Federated Learning with Incomplete Data: When to Use Complete Cases and When to Weight
Jesus E. Vazquez, Yicheng Shen, Jason Akulian, Chad Hochberg, Theodore J. Iwashyna, Elizabeth A. Stuart, Jiayi Tong

TL;DR
This paper presents a federated learning framework for handling missing data, providing guidelines on when to use complete case analysis versus weighting, and introduces a calibrated weighting method for improved estimates.
Contribution
It develops a novel federated missing data framework, including a calibrated weight estimation approach that ensures consistency under certain model specifications.
Findings
The complete case estimator is preferred under specific conditions.
The calibrated weighting approach remains consistent if at least one model is correct.
A sandwich variance estimator accounts for weight estimation uncertainty.
Abstract
Privacy constraints have driven the rise of federated learning (FL), which enables multi-site analyses without sharing individual participant data.
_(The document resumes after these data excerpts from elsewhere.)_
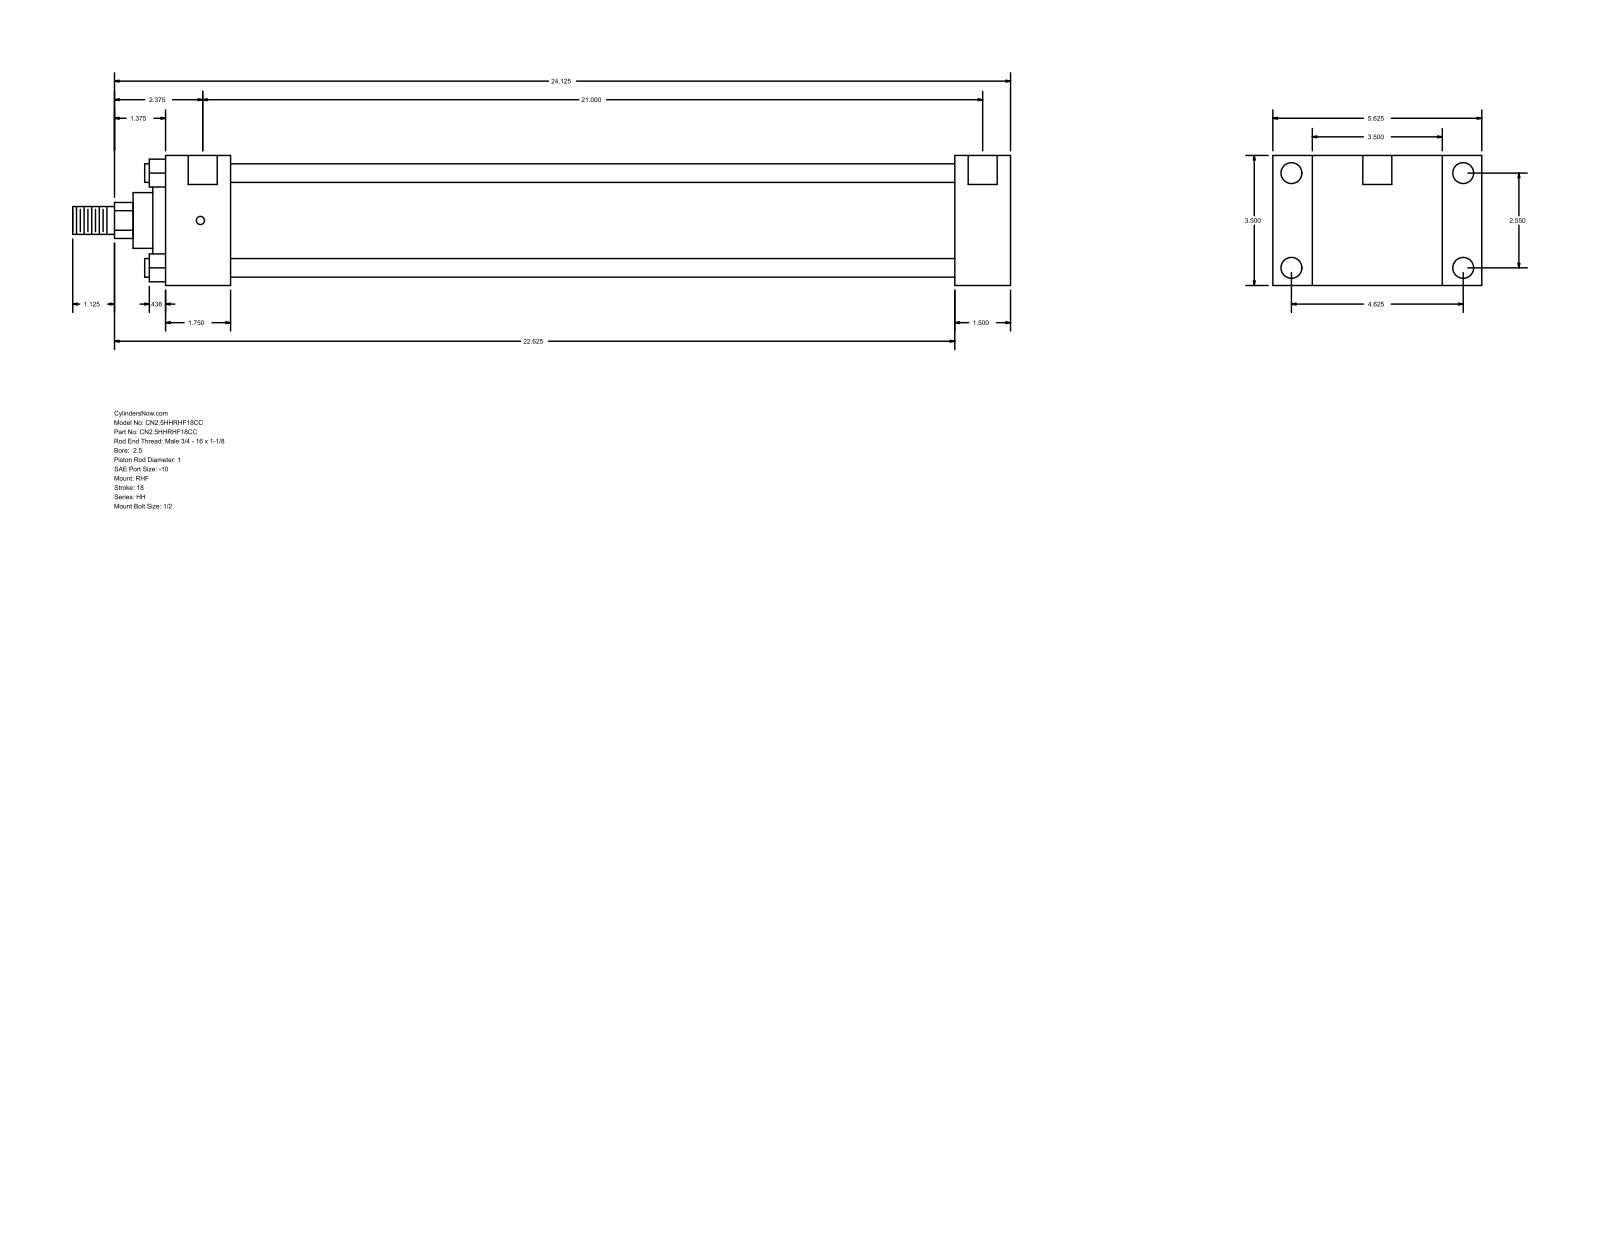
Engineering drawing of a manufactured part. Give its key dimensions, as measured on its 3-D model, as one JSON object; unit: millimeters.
{"part_name": "HH_RHF__0250_1", "step_written_by": "GSSL Pune (CONFIG_CONTROL_DESIGN)", "units": "millimeters", "bodies": {"solids": 0, "faces": 90, "planar": 61, "cylindrical": 29, "other": 0}, "overall_size": [641.35, 142.88, 88.9], "round_holes": [[5.56, 4], [14.3, 4], [19.84, 2]], "round_bosses_or_shafts": [[12.7, 4], [73.03, 1], [60.33, 1], [38.1, 1], [25.4, 1], [19.05, 1]], "partial_cylinders_radius": [[12.29, 1]], "face_to_face_distances": [88.9, 38.1, 26.99, 115.89, 539.75, 577.85, 142.88, 44.46, 495.29, 533.39], "hole_center_spacings": [64.76, 117.48, 134.15, 536.57, 1.58, 1.59, 533.4, 534.98]}
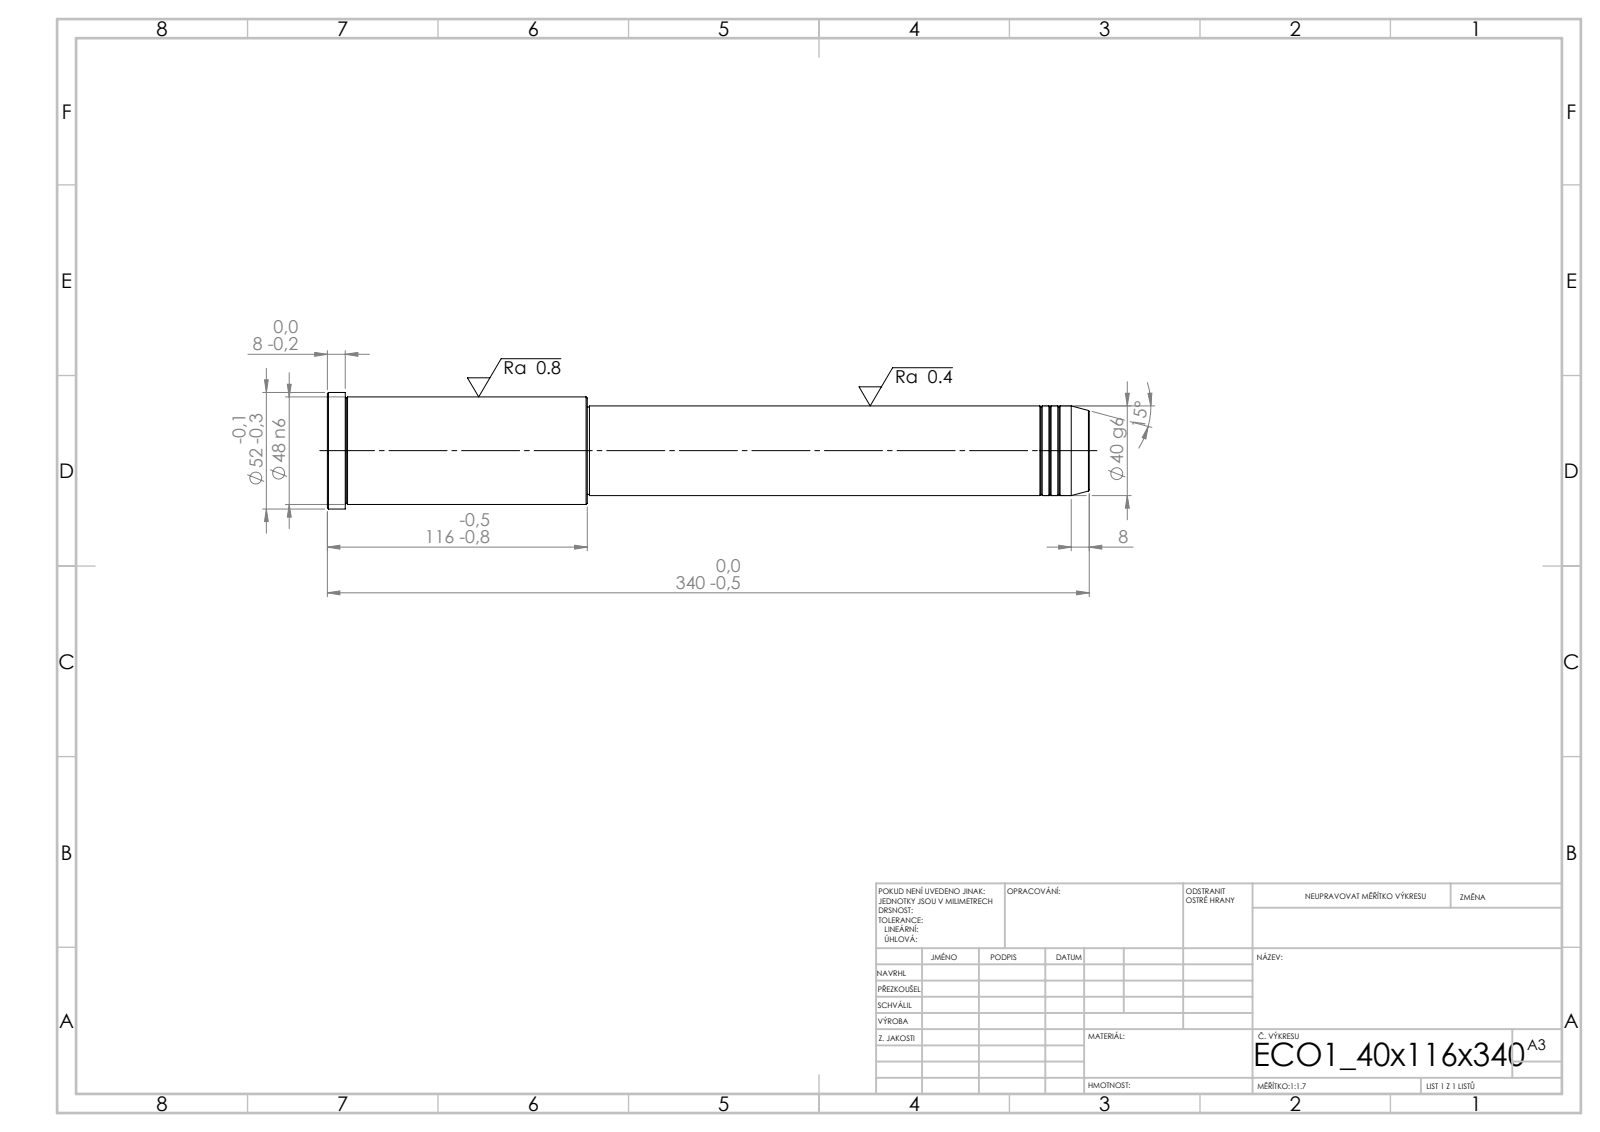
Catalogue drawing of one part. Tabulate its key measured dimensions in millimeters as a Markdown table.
| quantity | value |
| --- | --- |
| STEP written by | SolidWorks 2019 (CONFIG_CONTROL_DESIGN) |
| units | millimeters |
| bodies | 1 solid, 43 faces (5 planar, 14 cylindrical, 24 other) |
| overall size | 340 × 52 × 52 |
| volume | 492 560 mm³ |
| surface area | 50 018 mm² |
| round bosses / shafts (diameter × count) | 52 × 1, 48 × 1, 40 × 1, 39 × 1 |
| main face-to-face distances | 340, 224, 116, 332, 108, 8, 223, 1, 109, 117 |
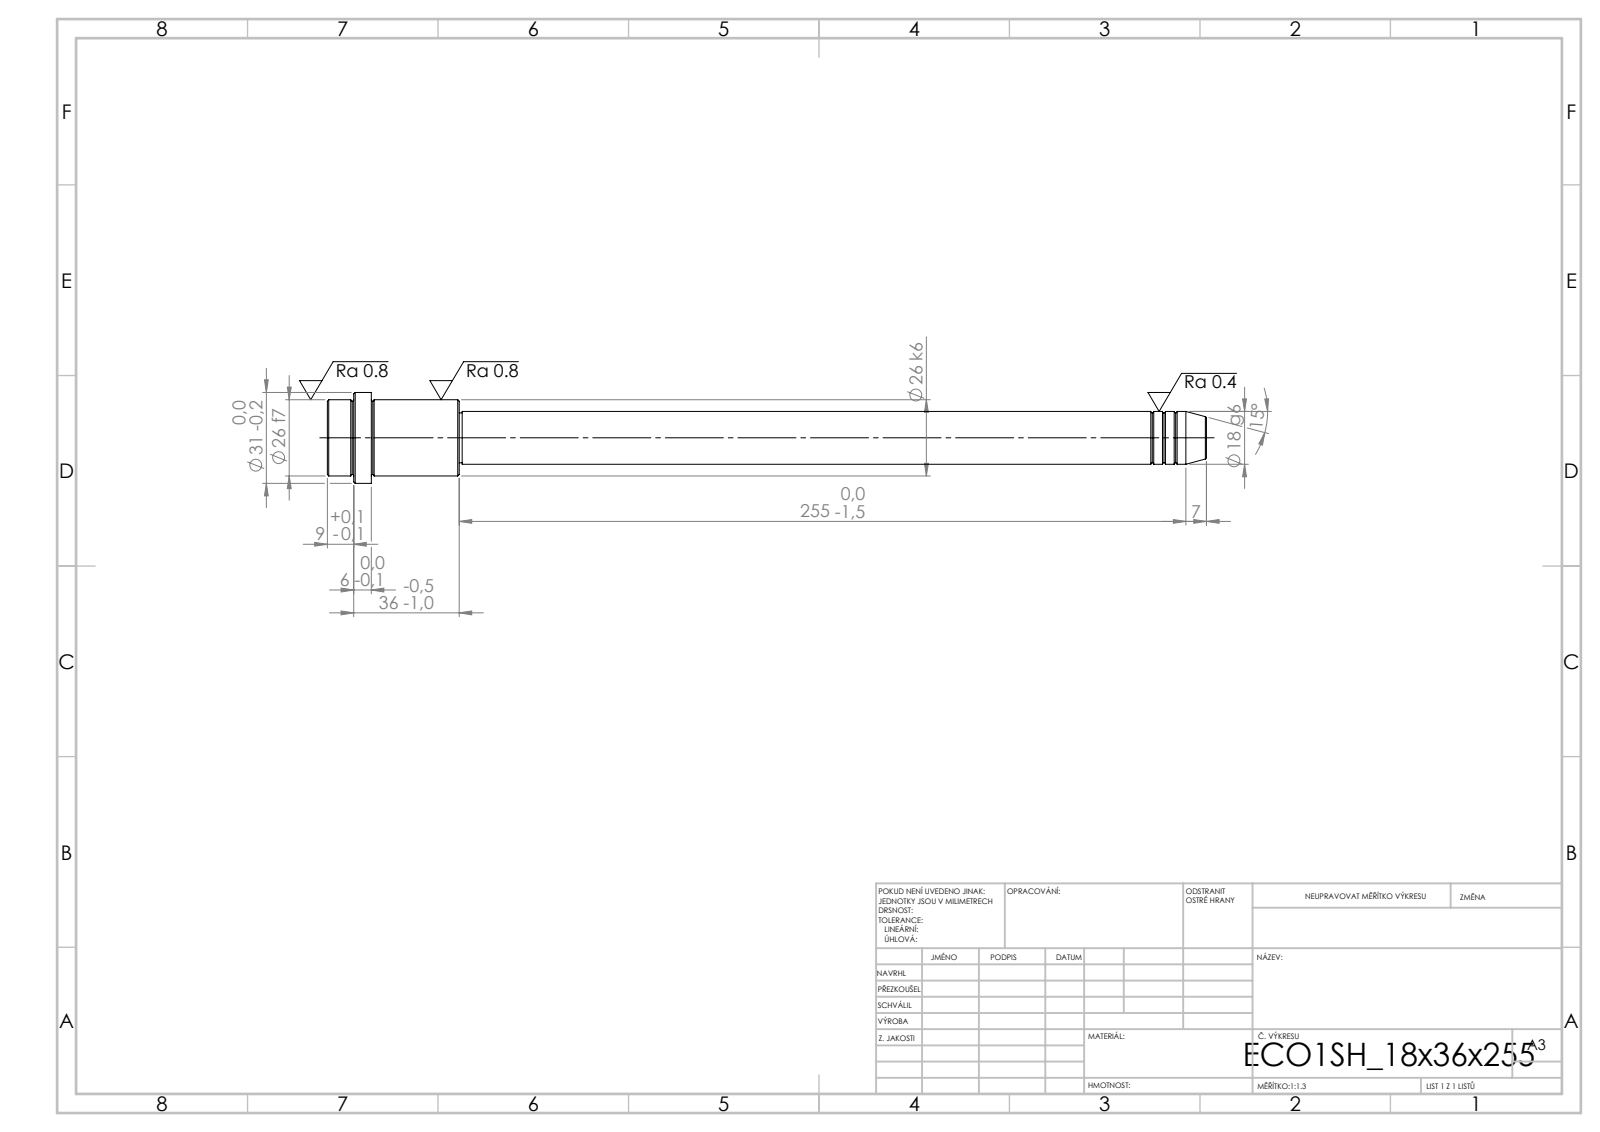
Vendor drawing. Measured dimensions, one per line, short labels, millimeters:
written by: SolidWorks 2019 (CONFIG_CONTROL_DESIGN)
unit: mm
bodies: 1 solid, 52 faces (6 planar, 16 cylindrical, 30 other)
size: 300 × 31 × 31
volume: 89 590 mm³; area: 19 719 mm²
bosses: 1× ⌀31, 1× ⌀26, 1× ⌀18, 1× ⌀17
face distances: 45, 30, 15, 36, 6, 9, 255, 285, 291, 300

We develop a framework for FL with missing data, identifying conditions under which the complete case (CC) estimator is preferred over the inverse probability weighting (IPW) estimator. For settings where the CC estimator fails, we introduce a calibrated weight estimation approach that combines candidate weighting models across sites and remains consistent if at least one is correctly specified. Consistency conditions are stated at the site level, ensuring that the federated estimator inherits validity from local properties. We derive a sandwich variance estimator that accounts for uncertainty in weight estimation, and illustrate the framework by evaluating risk factors for 90-day mortality among patients with pleural infections treated with…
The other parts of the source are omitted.